Wednesday, October 11, 2006

Vision Statement

Because i'm procrastinating and everybody needs a vision statement.

=====

My short term goal: Do reasonably well ( or as well as last minute work will allow me to do) in exams. Pray more, spend more time with the big dude. Get... reasonably fit... (sigh the hardest i'd say =P)

My mid term goal: Learn how to run a business, and run a succesful business. Study at Mosaic, then Mars Hill Church. Go to Toronto. Memorise the bible. Raise a God fearing family. (be rich =P but that's mre a side thing. it's not really that important)

Long term goal: Be used by God in whatever way he calls me to. Publish a book. ministry.... if possible. I want to end my life serving God...... If i had a choice, I would like to die in ministry. Closing my eyes and going home after my final messege.

My ultimate goal: To be able to face Jesus when I die and say that while I may not have done the best possible job, I did my best. That... I allowed myself to be used by God. Lil ol insignificant, imperfect me.


That is my dream. My wish.

What i want is to see people live with a reason, a purpose. Something bigger than themselves. I want to see God touch people, break chains, set them free. I want ..... people to not to have to cry anymore, to not feel alone anymore, to...... to know that there is something, a meaning to their existance.

I want... my whole family to worship God. Now he has to do a miracle with dad....

I want to be used.




I am but mud and clay, sand and ashes. But I know he uses the broken, imperfect ones to do his will.... may that be the story of my life. That I wasn't good enough, but God was.
SNIP SNIP

some heartstrings were cut today.

Friday, October 06, 2006

The little boy inside asks in that little boy way of his... "can anybody see me?"
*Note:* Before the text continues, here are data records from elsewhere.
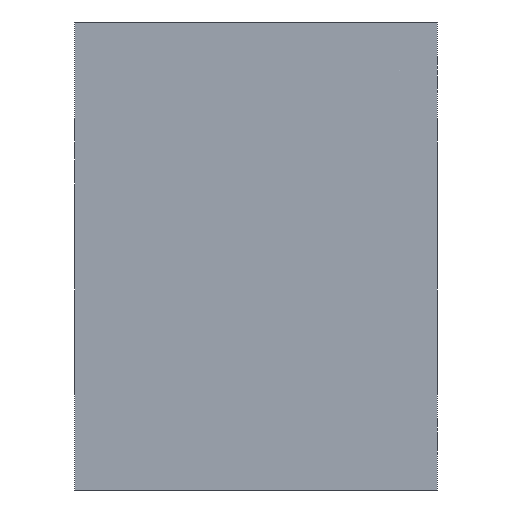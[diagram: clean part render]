
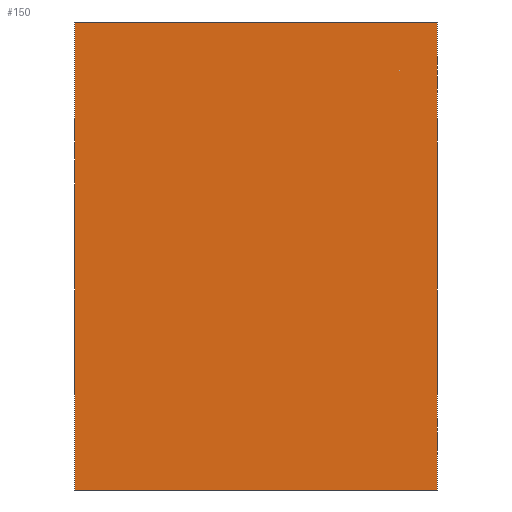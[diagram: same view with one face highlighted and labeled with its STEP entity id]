
A CAD part, front view. The second image highlights one B-rep face of the part: STEP entity #150.
In plain terms, the highlighted planar face has unit normal (0, -1, 0).
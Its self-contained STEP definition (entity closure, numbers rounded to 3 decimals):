
#107=PLANE('',#623);
#121=FACE_OUTER_BOUND('',#297,.T.);
#123=LINE('',#875,#135);
#124=LINE('',#878,#136);
#125=LINE('',#880,#137);
#126=LINE('',#882,#138);
#135=VECTOR('',#711,1.);
#136=VECTOR('',#712,1.);
#137=VECTOR('',#713,1.);
#138=VECTOR('',#714,1.);
#150=ADVANCED_FACE('',(#121),#107,.F.);
#297=EDGE_LOOP('',(#379,#380,#381,#382));
#379=ORIENTED_EDGE('',*,*,#531,.T.);
#380=ORIENTED_EDGE('',*,*,#532,.F.);
#381=ORIENTED_EDGE('',*,*,#533,.F.);
#382=ORIENTED_EDGE('',*,*,#534,.T.);
#479=VERTEX_POINT('',#876);
#480=VERTEX_POINT('',#877);
#481=VERTEX_POINT('',#879);
#482=VERTEX_POINT('',#881);
#531=EDGE_CURVE('',#479,#480,#123,.T.);
#532=EDGE_CURVE('',#481,#480,#124,.T.);
#533=EDGE_CURVE('',#482,#481,#125,.T.);
#534=EDGE_CURVE('',#482,#479,#126,.T.);
#623=AXIS2_PLACEMENT_3D('',#883,#715,#716);
#711=DIRECTION('',(0.,0.,1.));
#712=DIRECTION('',(1.,0.,0.));
#713=DIRECTION('',(0.,0.,1.));
#714=DIRECTION('',(1.,0.,0.));
#715=DIRECTION('',(0.,1.,0.));
#716=DIRECTION('',(0.,0.,1.));
#875=CARTESIAN_POINT('',(0.,-60.,-53.));
#876=CARTESIAN_POINT('',(0.,-60.,-53.));
#877=CARTESIAN_POINT('',(0.,-60.,53.));
#878=CARTESIAN_POINT('',(-82.,-60.,53.));
#879=CARTESIAN_POINT('',(-82.,-60.,53.));
#880=CARTESIAN_POINT('',(-82.,-60.,-53.));
#881=CARTESIAN_POINT('',(-82.,-60.,-53.));
#882=CARTESIAN_POINT('',(-82.,-60.,-53.));
#883=CARTESIAN_POINT('',(-82.,-60.,-53.));

I hear him and think that he's wasting his time and my emotions.


Themes do recur

Sunday, October 01, 2006

Identity crisis...

I have an identity crisis.

But the thing is, it's not to my identity.

My question is who is this person that I'm supposed to find, the proverbial 'one'. I guess it's fitting i'd consider the topic now, it being spring and all. It is the season of luv after all.

So who is she?

See, without having actually met her, i probably can't say for sure. All i'd have are what i'm looking for in a person. Though that said, predating this whole line of thought is the question, do i actually want someone?

I can't answer that fully yet. I mean, I of course would like someone special ... but now? I think that's the million dollar question. It's a strange thing really. i mean not too long ago I had the opportunity to go out with someone. THe thing was.... I didn't want to. It seemed to much of a hassle to have to accomodate someone else into my mannerisms, my routines. Not to mention my time... which granted is exceedingly self centered... still it was how i felt.

It's an irony considering not long before that i had thought that I was "ready" for a relationship. Maybe that was just a reflection of the fact that the girl was not really someone who i'd really consider special? I don't know.

Now?

I mean the classic answer is that "if i meet that someone special"... but i think that's a dodge if i ever saw one. In all honesty, I don't think quite yet.... guess i'm still not ready after all. I'm happy being myself, not having the viewpoints/needs of another person be imposed onto me. And it's not like I'm a player or anything, because i'm not. lol i'm flipping awkward around girls i like... such is the way of the nice guys.

That said, what is it that i'm actually looking for?

Has another year changed my list?

1) God loving, God fearing. Heck if she can be more connected to God than i am, the more the better. This one hasn't changed.
2) Cute. Yes Ken likes cute girls. Remember people cute> sexy
3) Underswtands me. There has been times i wished that i had someone to sit beside me when i;m sitting outside the law building at nights... someone i can share those times of quiet with. Someone who would go out to look for me when i stepped out even...
4) loves. Self explanaotry.
5) strong, because sometimes I can't be strong.
6) listens to me... makes me feel that it's ok to talk to her. A ear for a ear if I may.
7) smart... i'd like someone i could debate with. Yeah... that'd be cool.
8) Fun.... she would actually dance at a dance... not spend the night taking photos! yARRRRR

I'd ask all this... but what then can I offer?

I don't really know honestly. And answering that might seem abit self centered. Blowing my own horn and what not. But I do not intend to bring nothing to the table.

I'd listen to her at least... us ears are good at that!